Monday, December 6, 2010

insipration as divine madness

Going back to Plato's "Ion," discuss the idea of the artist's inspiration as divine madness in relation to "Belly of an Architect," "Artemisia," or "Camille Claudel."

In Plato’s “Ion”, the philosopher Socrates is having an intellectual discussion with the actor Ion about the source of artistic creativity. Ion states that “good poets by a divine inspiration interpret the things of God to us,” thus he believes that artistic creativity comes solely from God but actors, artists and poets interprets the way in which to use the creativity given to them by God.

Socrates, on the other hand, believes that artistic creativity is derived from divine unearthly and stimulating inspiration. He also goes on to link inspiration to the concept of a muse, where artists rely on a person or thing (usually a woman) to gain enlightenment.

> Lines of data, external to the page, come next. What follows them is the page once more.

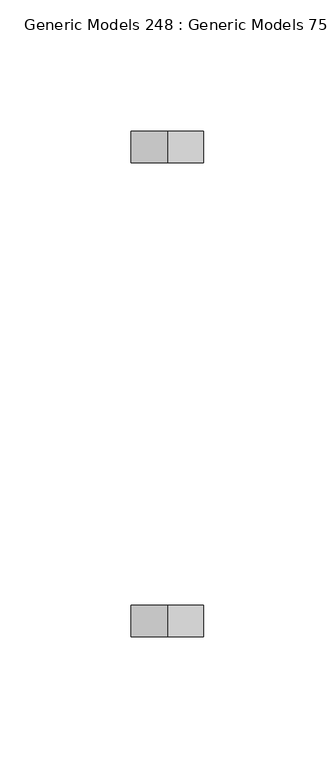
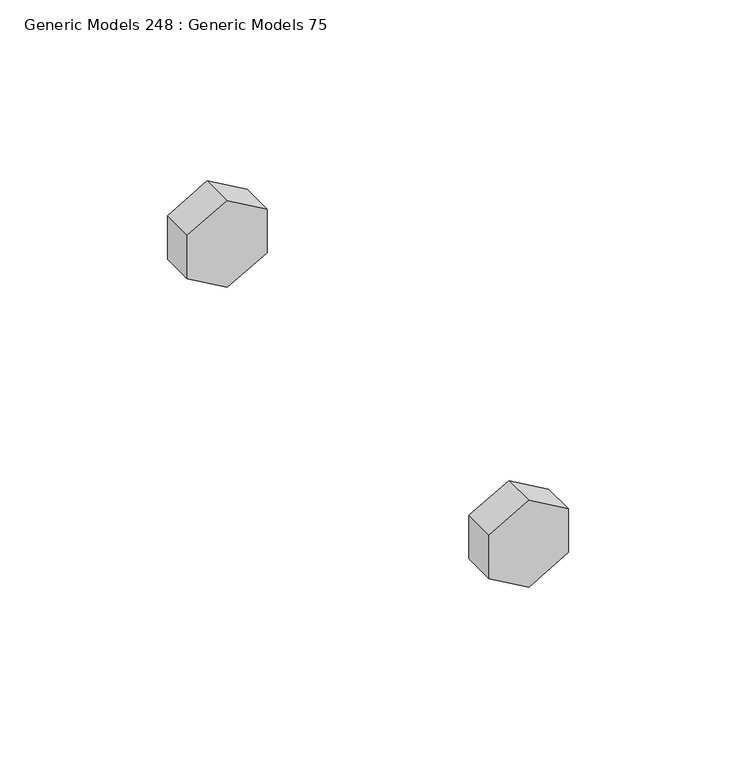
"""IFC4 building model written with IfcOpenShell, lengths in millimetres: proxy geometry, Generic Models 248 : Generic Models 75."""

from ifc_helpers import new_model, si_unit, frame, origin, place, context, project, spatial, polyline, outline, extrude, source, transform, mapped, element, save


def generic_models_248_generic_models_75_7ee3556c(model_context):
    return source(origin(), model_context, "Body", "SweptSolid", [
        extrude(outline(polyline([(269222.3462802, 31975.9942029), (269206.5097067, 31975.9942029), (269198.59142, 31989.7090778), (269206.5097067, 32003.4239528), (269222.3462802, 32003.4239528), (269230.264567, 31989.7090778), (269222.3462802, 31975.9942029)])), frame((0.0, 30858.4781612, 0.0), z_axis=(0.0, 1.0, 0.0), x_axis=(0.0, 0.0, 1.0)), (0.0, 0.0, 1.0), 11.90625),
        extrude(outline(polyline([(269222.3462802, 31975.9942029), (269206.5097067, 31975.9942029), (269198.59142, 31989.7090778), (269206.5097067, 32003.4239528), (269222.3462802, 32003.4239528), (269230.264567, 31989.7090778), (269222.3462802, 31975.9942029)])), frame((0.0, 30678.2969112, 0.0), z_axis=(0.0, 1.0, 0.0), x_axis=(0.0, 0.0, 1.0)), (0.0, 0.0, 1.0), 11.90625),
    ])


if __name__ == "__main__":
    model = new_model("IFC4")
    model_context = context("Model", 3, world=origin())
    ifc_project = project(units=[si_unit("LENGTHUNIT", "METRE", prefix="MILLI")], contexts=[model_context])
    site = spatial("IfcSite", under=ifc_project)
    building = spatial("IfcBuilding", under=site)
    placement = place(None, origin())
    generic_models_248_generic_models_75_shape = generic_models_248_generic_models_75_7ee3556c(model_context)
    element("IfcBuildingElementProxy", 1, Name="Generic Models 248 : Generic Models 75", ObjectType="Generic Models 248 : Generic Models 75", at=placement, inside=building, context=model_context, shape_type="MappedRepresentation", body=[
        mapped(generic_models_248_generic_models_75_shape, transform((0.0, 0.0, 0.0), x_axis=(1.0, 0.0, 0.0), y_axis=(0.0, 1.0, 0.0), z_axis=(0.0, 0.0, 1.0))),
    ])
    save(model, "model.ifc")

# Revit data of these elements
# Element 1 (IfcBuildingElementProxy, "Generic Models 248 : Generic Models 75")
#   Materials on its faces: "3/4\" GALV. THRU BOLTS"
# Materials
#   "3/4\" GALV. THRU BOLTS": class "Generic", colour RGB 105 69 171, transparency 0, Cost = 0

In the movies Belly of an Architect, Camille Claudel, and Artemisia, all contain a modern day forms of a muse. Krakalite looks to the long dead architect Boulee for inspiration. Camille Claudel, looks to Rodin for inspiration. Artemisia looks to Tassi for inspiration. The modern day muse, is a role reversal since there are now affluent women artists. I think the dynamic between the ‘muse’ and the artists shown are somewhat a reaction against male authority and the influence of femininity.

The concept of a ‘muse’ in Belly of an Architect is somewhat different from the two female artist movies. Krakalite looks to the dead architect Boulee for inspiration, and he also seems to have conversations with the dead architect. This plays into the artist’s inspiration as divine madness. To modern day viewers, as seen in most of the movies, artist’s inspirations are almost always linked with mental disorders. The misunderstood is translated into mentally ill.


Camille Claudel’s relationship with Rodin, at first inspires her artwork. But the dynamic of their relationship changes when Rodin leaves Claudel. We also see her inspiration with her love of clay. She leaves her family without telling them, and goes to find clay. The clay is a big part of her inspiration as seen in her artwork. With Rodin as Claudel’s modern day muse, we can see how the muse affects her life, her artwork thrives when they are together. They teach each other, they learn together. They are each other’s muses. We also see how Claudel’s experiences shape her artwork. Claudel creates a bust of Rodin which is thought to be one of her greatest works.

Artemisia isn’t the best example of this discussion of artist inspiration as divine madness because it is so fictionalized. In the movie, Artemisia is obsessed with looking and touching; this contributes to Ion’s argument of artists gaining enlightenment from god and then interpreting creativity. She infuses herself and different events of her life into her mythical paintings. This is seen at the trial where the Judge brings out her painting Judith and Holoferness. Her relationship and rape from Tassi depicts Artemisia as Judith and Tassi as Holoferness in her painting.

Artists derive their creativity from multiple sources. There isn’t one complete definition of creativity. Different sources influence the artist and the artist interprets these instances into a creative outlet. In all three of these movies, creativity is linked with divine madness. It is easy for society to group artists into one individual category because it makes society feel at easy to group the ‘not normal’ people together.

Wednesday, November 10, 2010

crazed artist

Going back to Plato's "Ion," discuss the idea of the artist's inspiration as divine madness in relation to "Belly of an Architect," "Artemisia," or "Camille Claudel."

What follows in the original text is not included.